Return an array answer of the same length as queries, where answer[i] is the answer to the i-th query. The solution needs to handle multiple queries efficiently, considering both the trimming process and the selection of the smallest number.
Examples
Example 1
Input: nums = ["102","473","251","814"], queries = [[1,1],[2,3],[4,2],[1,2]]
Output: [2,2,1,0]
- After trimming to the last digit, nums = ["2","3","1","4"]. The smallest number is 1 at index 2.
- Trimmed to the last 3 digits, nums is unchanged. The 2nd smallest number is 251 at index 2.
- Trimmed to the last 2 digits, nums = ["02","73","51","14"]. The 4th smallest number is 73.
- Trimmed to the last 2 digits, the smallest number is 2 at index 0. Note that the trimmed number "02" is evaluated as 2.
Example 2
Input: nums = ["24","37","96","04"], queries = [[2,1],[2,2]]
Output: [3,0]
- Trimmed to the last digit, nums = ["4","7","6","4"]. The 2nd smallest number is 4 at index 3. There are two occurrences of 4, but the one at index 0 is considered smaller than the one at index 3.
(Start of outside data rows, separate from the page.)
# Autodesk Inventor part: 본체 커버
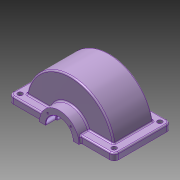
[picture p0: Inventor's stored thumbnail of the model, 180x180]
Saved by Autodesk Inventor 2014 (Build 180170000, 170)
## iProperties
Created: 2023-06
Part Number: 본체 커버
Material: 알루미늄 6061
Document SubType Name: Modeling
Designer: mdu-01
Density: 1 g/cm^3
Appearance: 알루미늄 - 평지(1)
Author: mdu-01
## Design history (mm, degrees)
sketch "스케치1"
  geometry: L1 (0, 70)-(0, -70); L2 (0, 70)-(45, 70); L3 (45, 70)-(45, 45); L4 (45, 45)-(100, 45); L5 (0, 0)-(100, 0); L6 (0, -70)-(45, -70); L7 (45, -70)-(45, -45); L8 (45, -45)-(100, -45); L9 (100, 45)-(100, -45); 1 further point
  constraints: 18 end point, 3 perpendicular, 3 symmetric about line, 2 midpoint, 2 parallel, 1 coincident, 1 vertical
  dimensions: "d0" = 140 distance of L1.start L1.end; "d1" = 90 diameter of L3 L1; "d2" = 90 distance between parallel lines of L8 L4; "d3" = 200 diameter of L9 L1
revolve "회전1" sketch "스케치1" stored, may be unused: angle "d4" = 180 deg
sketch "스케치2"
  geometry: L1 (-10, -110)-(210, -110); L2 (220, -100)-(220, 10); L3 (210, 20)-(-10, 20); L4 (-20, 10)-(-20, -100); L5 (-20, -110)-(220, 20); L6 (220, -110)-(-20, 20); A1 r 10 centre (-10, 10) between (-10, 20) and (-20, 10); A2 r 10 centre (210, 10) between (220, 10) and (210, 20); A3 r 10 centre (210, -100) between (210, -110) and (220, -100); A4 r 10 centre (-10, -100) between (-20, -100) and (-10, -110); 1 further point
  constraints: 12 end point, 8 point on circle, 8 point on line, 8 tangent, 4 centre point, 3 equal radius, 2 midpoint, 2 parallel, 1 horizontal, 1 perpendicular
  dimensions: "d5" = 240 distance of L6.end L5.end; "d6" = 130 distance of L5.end L6.start; "d7" = 10 radius of A1
extrude "돌출1" join sketch "스케치2" distance "d8" = 15; taper "d9" = 0 deg
sketch "스케치3"
  geometry: L1 (0, 70)-(45, 70) reference; L2 (0, -70)-(45, -70) reference; L3 (0, 70)-(0, -70); L4 (31, 70)-(31, 48); L5 (30, 47)-(27.5, 47); L6 (27.5, 47)-(27.5, 32); L7 (27.5, 32)-(87, 32); L8 (0, 0)-(92.097, 0); L9 (31, -70)-(31, -48); L10 (30, -47)-(27.5, -47); L11 (27.5, -47)-(27.5, -32); L12 (27.5, -32)-(87, -32); L13 (87, 32)-(87, -32); L14 (0, 70)-(31, 70); L15 (0, -70)-(31, -70); A1 r 1 centre (30, 48) between (30, 47) and (31, 48); A2 r 1 centre (30, -48) between (31, -48) and (30, -47); 2 further points
  constraints: 26 end point, 5 point on line, 5 symmetric about line, 4 parallel, 4 point on circle, 4 tangent, 3 perpendicular, 2 centre point, 2 collinear, 1 equal radius
  dimensions: "d10" = 1 radius of A1; "d11" = 62 diameter of L4 L3; "d12" = 23 distance between parallel lines of L1 L5; "d13" = 64 distance between parallel lines of L12 L7; "d14" = 55 diameter of L6 L3; "d15" = 87 distance between parallel lines of L13 L3
revolve "회전2" sketch "스케치3" stored, may be unused: angle "d16" = 180 deg
fillet "모깎기1" dims "d17" = 3
fillet "모깎기2" dims "d18" = 3
sketch "스케치4"
  geometry: L1 (-7, -7)-(207, -7); L2 (207, -7)-(207, 97); L3 (207, 97)-(-7, 97); L4 (-7, 97)-(-7, -7); L5 (-7, -7)-(207, 97); L6 (207, -7)-(-7, 97); 1 further point
  constraints: 12 end point, 2 midpoint, 2 parallel, 1 horizontal, 1 perpendicular
  dimensions: "d19" = 214 distance of L3.end L2.end; "d20" = 104 distance of L2.end L1.end
hole "구멍1" sketch "스케치4" at (207, -7), (-7, -7), (207, 97), (-7, 97) diameter "d21" = 6.6; stored, may be unused: countersink angle "d25" = 90 deg, drill point angle "d27" = 118 deg; dims "d22" = 6, "d23" = 11, "d24" = 6.8, "d26" = 8
sketch "스케치5"
  geometry: L1 (-26.163, 26.163)-(26.163, 26.163); L2 (26.163, 26.163)-(26.163, -26.163); L3 (26.163, -26.163)-(-26.163, -26.163); L4 (-26.163, -26.163)-(-26.163, 26.163); A1 r 37 centre (0, 0) between (-26.163, 26.163) and (26.163, -26.163); 1 further point
  constraints: 8 end point, 3 point on circle, 2 parallel, 2 perpendicular, 1 centre point, 1 coincident, 1 horizontal
  dimensions: "d28" = 74 diameter of A1
hole "구멍2" sketch "스케치5" at (-26.163, 26.163), (26.163, 26.163) diameter "d29" = 4.134; stored, may be unused: countersink angle "d33" = 90 deg, drill point angle "d35" = 118 deg; dims "d30" = 10, "d31" = 11, "d32" = 6.8, "d34" = 12
chamfer "모따기1" distance "d36" = 1; stored, may be unused: second distance "d37" = 2, angle "d38" = 45 deg
node "솔리드1"
mirror "대칭1"

- Trimmed to the last 2 digits, nums is unchanged. The 2nd smallest number is 24.
Constraints
- 1 <= nums.length <= 100
- 1 <= nums[i].length <= 100
- nums[i] consists of only digits.
- All nums[i].length are equal.
- 1 <= queries.length <= 100
- queries[i].length == 2
- 1 <= ki <= nums.length
- 1 <= trimi <= nums[i].length
Solution Approach
Simulate Each Query
For each query, trim the strings in nums by removing the specified number of digits from the end. After trimming, convert the strings to integers and sort the resulting list to find the ki-th smallest value. This brute-force approach directly simulates the trimming and sorting for each query.
Sorting and Quickselect
Instead of sorting the entire list for each query, you can use the Quickselect algorithm to find the ki-th smallest number efficiently. This reduces unnecessary sorting overhead and speeds up the process for large arrays and multiple queries.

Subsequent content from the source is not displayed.